Compare Current and Previous Values in a Data Stream with Confluent Cloud for Apache Flink¶
Confluent Cloud for Apache Flink® provides a LAG function, which is a built-in function that enables you to access data from a previous event in the same row without the need for a self-join. It gives you the ability to analyze the differences between consecutive rows or to create more complex calculations based on previous events. This can be particularly useful in scenarios such as comparing daily sales values.
In this guide, you will learn how to run an Flink SQL statement that uses the LAG function to compare current and historical order values from a continuous data stream of orders data.
This topic shows the following steps:
Prerequisites¶
- Access to Confluent Cloud.
- The OrganizationAdmin, EnvironmentAdmin, or FlinkAdmin role for creating compute pools, or the FlinkDeveloper role if you already have a compute pool. If you don’t have the appropriate role, contact your OrganizationAdmin or EnvironmentAdmin. For more information, see Grant Role-Based Access in Confluent Cloud for Apache Flink.
- A provisioned Flink compute pool.
Step 1: Inspect the example stream¶
In this step, you query the read-only orders
table in the
examples.marketplace
database to inspect the stream for fields that you
can mask.
Log in to Confluent Cloud and navigate to your Flink workspace.
In the Use catalog dropdown, select your environment.
In the Use database dropdown, select your Kafka cluster.
Run the following statement to inspect the example
orders
stream.SELECT * FROM examples.marketplace.orders;
Your output should resemble:
order_id customer_id product_id price 68362284-34df-41a3-87fb-50b79647b786 3195 1267 47.48 6e03663e-d20b-4a23-848a-aec959d794e3 3094 1412 50.92 84217b5d-7dcb-46d1-9600-675a3734a3ed 3038 1094 83.56 ...

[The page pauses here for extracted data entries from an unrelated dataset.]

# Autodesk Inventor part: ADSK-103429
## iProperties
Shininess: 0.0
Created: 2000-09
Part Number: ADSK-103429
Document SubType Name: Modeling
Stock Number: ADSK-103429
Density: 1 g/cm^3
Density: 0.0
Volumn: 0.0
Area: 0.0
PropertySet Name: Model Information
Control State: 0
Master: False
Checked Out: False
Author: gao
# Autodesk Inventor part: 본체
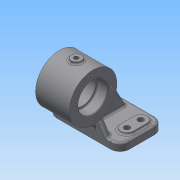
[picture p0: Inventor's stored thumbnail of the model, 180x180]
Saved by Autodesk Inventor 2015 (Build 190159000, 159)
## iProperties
Created: 2023-08
Part Number: 본체
Material: 일반
Document SubType Name: Modeling
Designer: 학생용
Density: 1 g/cm^3
Appearance: 기본값
Author: 학생용
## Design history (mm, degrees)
sketch "스케치1"
  geometry: L1 (-58, 12)-(58, 12); L2 (58, 12)-(58, 0); L3 (58, 0)-(-58, 0); L4 (-58, 0)-(-58, 12); 2 further points
  constraints: 8 end point, 2 parallel, 1 coincident, 1 horizontal, 1 midpoint, 1 perpendicular
  dimensions: "d0" = 116 distance of L2.end L3.end; "d1" = 12 distance of L1.end L2.end
extrude "돌출1" new body sketch "스케치1" stored distance "d2" = 70; taper "d3" = 0 deg
fillet "모깎기1" dims "d4" = 15
sketch "스케치2"
  geometry: L1 (84, 28)-(84, 50); L2 (94, 28)-(94, 50); L3 (74, 50)-(74, 28); L4 (43, 35)-(43, 87.935); L5 (2, 28)-(2, 50); L6 (-8, 28)-(-8, 50); L7 (12, 50)-(12, 28); L8 (0, 70)-(86, 70) reference; L9 (101, 15)-(101, 55) reference; A1 r 10 centre (84, 28) between (74, 28) and (94, 28); A2 r 10 centre (84, 50) between (94, 50) and (74, 50); A3 r 10 centre (2, 28) between (-8, 28) and (12, 28); A4 r 10 centre (2, 50) between (12, 50) and (-8, 50); 2 further points
  constraints: 18 end point, 8 point on circle, 6 symmetric about line, 4 centre point, 4 tangent, 2 vertical, 1 midpoint, 1 parallel, 2 other
  dimensions: "d6" = 20 distance between parallel lines of L3 L2; "d26" = 10 distance edge to line of A2 L8; "d28" = 22 distance of L1.start L1.end; "d73" = 82 distance of L1.end L5.end
extrude "돌출2" join sketch "스케치2" distance "d8" = 3; taper "d9" = 0 deg
sketch "스케치3"
  geometry: L1 (94, 28)-(94, 50) reference; L2 (74, 50)-(74, 28) reference; L3 (-8, 50)-(-8, 28) reference; L4 (12, 28)-(12, 50) reference; C1 r 4.5 at (84, 50); C2 r 4.5 at (84, 28); C3 r 4.5 at (2, 50); C4 r 4.5 at (2, 28); A1 r 10 centre (84, 50) between (94, 50) and (74, 50) reference; A2 r 10 centre (84, 28) between (74, 28) and (94, 28) reference; A3 r 10 centre (2, 28) between (-8, 28) and (12, 28) reference; A4 r 10 centre (2, 50) between (12, 50) and (-8, 50) reference; 1 further point
  constraints: 4 centre point, 4 coincident
  dimensions: "d10" = 9 diameter of C1; "d11" = 9 diameter of C2; "d12" = 9 diameter of C3; "d13" = 9 diameter of C4
extrude "돌출3" cut sketch "스케치3" stored distance "d14" = 3; taper "d15" = 0 deg
sketch "스케치4"
  geometry: L1 (12, 7)-(15, 7) reference; C1 r 38 at (70, 47); 1 further point
  constraints: 1 centre point
  dimensions: "d16" = 70 horizontal distance of point (0, 0) C1.centre; "d17" = 40 distance from line of C1.centre L1; "d18" = 76 diameter of C1
extrude "돌출4" join sketch "스케치4" stored distance "d19" = 54; taper "d20" = 0 deg
sketch "스케치5"
  geometry: L1 (-19.159, 37.933)-(-36, 12); L2 (-51, 12)-(-31, 12) reference; L3 (-58, 12)-(-58, 0) reference; L4 (0, 0)-(0, 51.675); L5 (19.159, 37.933)-(36, 12); L6 (-36, 12)-(36, 12); L7 (31, 12)-(51, 12) reference; L8 (-19.159, 37.933)-(19.159, 37.933)
  constraints: 10 end point, 2 symmetric about line, 1 collinear, 1 horizontal, 1 point on line, 1 vertical
  dimensions: "d21" = 33 deg angle of L3 L1; "d22" = 22 distance of L3.start L1.end; "d23" = 38.31786 distance of L1.start L5.start
extrude "돌출5" join sketch "스케치5" distance "d24" = 8; taper "d25" = 0 deg
sketch "스케치6"
  geometry: L1 (12, -27)-(87.882, 13.471); L2 (12, -35)-(0, -35) reference; L3 (12, -20)-(12, -35) reference; 2 further points
  constraints: 2 end point, 1 point on line, 3 other
  dimensions: "d77" = 8 distance from line of L2 L1.start
feature "리브1" sketch "스케치6" dims "d29" = 1, "d30" = 12, "d31" = 0, "d32" = 0, "d33" = 1, "d34" = 1
node "작업 평면2"
  node "작업 평면1"
sketch "스케치7"
  geometry: L1 (27, -38)-(27, 38) reference; L2 (27, 0)-(-27, 0); L3 (27, 0)-(27, 23.5); L4 (27, 23.5)-(10, 23.5); L5 (10, 23.5)-(10, 20.5); L6 (10, 20.5)-(-10, 20.5); L7 (-27, 38)-(-27, -38) reference; L8 (-27, 0)-(-27, 23.5); L9 (-27, 23.5)-(-10, 23.5); L10 (-10, 23.5)-(-10, 20.5); 1 further point
  constraints: 16 end point, 3 horizontal, 3 perpendicular, 2 point on line, 1 midpoint
  dimensions: "d36" = 47 diameter of L4 L2; "d37" = 41 diameter of L6 L2; "d38" = 17 distance of L3.end L4.end; "d40" = 17 distance of L8.end L9.end; "d41" = 47 diameter of L9 L2
revolve "회전1" sketch "스케치7" stored, may be unused: angle "d42" = 90 deg
sketch "스케치8" dims "d43" = 60
  geometry: C1 r 20.5 at (0, 0) reference; 6 further points
  constraints: 2 vertical alignment, 1 coincident, 7 other
  dimensions: "d46" = 360 deg dimension on C1.centre point (0, 30) (derived)
hole "구멍1" sketch "스케치8" at (0, 30), (-30, 0), (0, -30), (30, 0) diameter "d48" = 3.242; stored, may be unused: countersink angle "d52" = 90 deg, drill point angle "d54" = 120 deg; dims "d49" = 8, "d50" = 4, "d51" = 2, "d53" = 10
node "작업 평면3"
sketch "스케치9"
  geometry: L1 (27, 1.621)-(27, -1.621) reference; L2 (27, 0)-(-27, 0); L3 (-27, -1.621)-(-27, 1.621) reference; C1 r 8 at (0, 0); 2 further points
  constraints: 3 midpoint, 2 end point, 1 centre point, 1 coincident, 1 vertical alignment
  dimensions: "d55" = 16 diameter of C1
extrude "돌출6" join sketch "스케치9" distance "d56" = 3; taper "d58" = 0 deg; dims "d57" = 4, "d59" = 0
sketch "스케치10"
  geometry: C1 r 8 at (0, 0) reference; 2 further points
  constraints: 1 coincident
hole "구멍2" sketch "스케치10" at (0, 0) diameter "d60" = 5.188; stored, may be unused: countersink angle "d64" = 90 deg, drill point angle "d66" = 120 deg; dims "d61" = 25, "d62" = 7, "d63" = 4, "d65" = 30
chamfer "모따기1" distance "d67" = 1; stored, may be unused: second distance "d68" = 2, angle "d69" = 45 deg
fillet "모깎기2" dims "d70" = 1
fillet "모깎기3" dims "d71" = 3
fillet "모깎기4" dims "d72" = 3
sketch "스케치11"
  geometry: 2 further points
  constraints: 1 vertical alignment, 1 other
  dimensions: "d74" = 19 distance of point (0, 0) point (0, 19)
feature "엠보싱1" sketch "스케치11" dims "d0" = 116, "d1" = 12, "d6" = 20, "d26" = 10, "d28" = 22, "d73" = 82, "d75" = 0.5, "d76" = 0
node "솔리드1"
mirror "대칭1"
node "투영된 루프1"
node "투영된 루프2"
other parameters: "d35" = -38

Step 2: View aggregated results¶
Run the following statement to start a query on the
orders
data using the LAG function to return current and previous order data for each customer.SELECT $rowtime AS row_time , customer_id , order_id , price , LAG(order_id, 1) OVER (PARTITION BY customer_id ORDER BY $rowtime) previous_order_id , LAG(price, 1) OVER (PARTITION BY customer_id ORDER BY $rowtime) previous_order_price FROM examples.marketplace.orders;
Your output should resemble:
row_time customer_id order_id price previous_order_id previous_order_price 2024-01-11 15:42:00.557 3213 821f81d4-d912-4e0f-ab8b-88fe8d9af397 89.34 2c26a03b-4cd5-4df6-90d0-0b11916533d2 57.89 2024-01-11 15:42:01.079 3090 57b20b43-3f52-49d8-b8bc-3a55d0440482 50.22 c913ea7b-a7dc-4b22-b966-8df3f28e8e5e 66.12 2024-01-11 15:42:01.391 3142 8a536722-3e4f-4920-bd33-2b981179b8f8 10.77 NULL NULL 2024-01-11 15:42:01.482 3006 cabf50e8-129d-4b71-b253-894526a571c1 113.12 NULL NULL 2024-01-11 15:42:01.681 3009 fd96d839-f06b-43ef-a23f-38e4ca6849b4 78.01 d5cdafb2-ddf1-4161-8843-48ae5f46f524 102.34 2024-01-11 15:42:01.910 3158 16165e84-d1d6-49b9-afaf-1856c4f2a751 354.11 NULL NULL ...
Note that there are some
NULL
values forprevious_order_id
andprevious_order_price
. For these customers, the current order is the first order they have made, so there is no historical previous order data to return.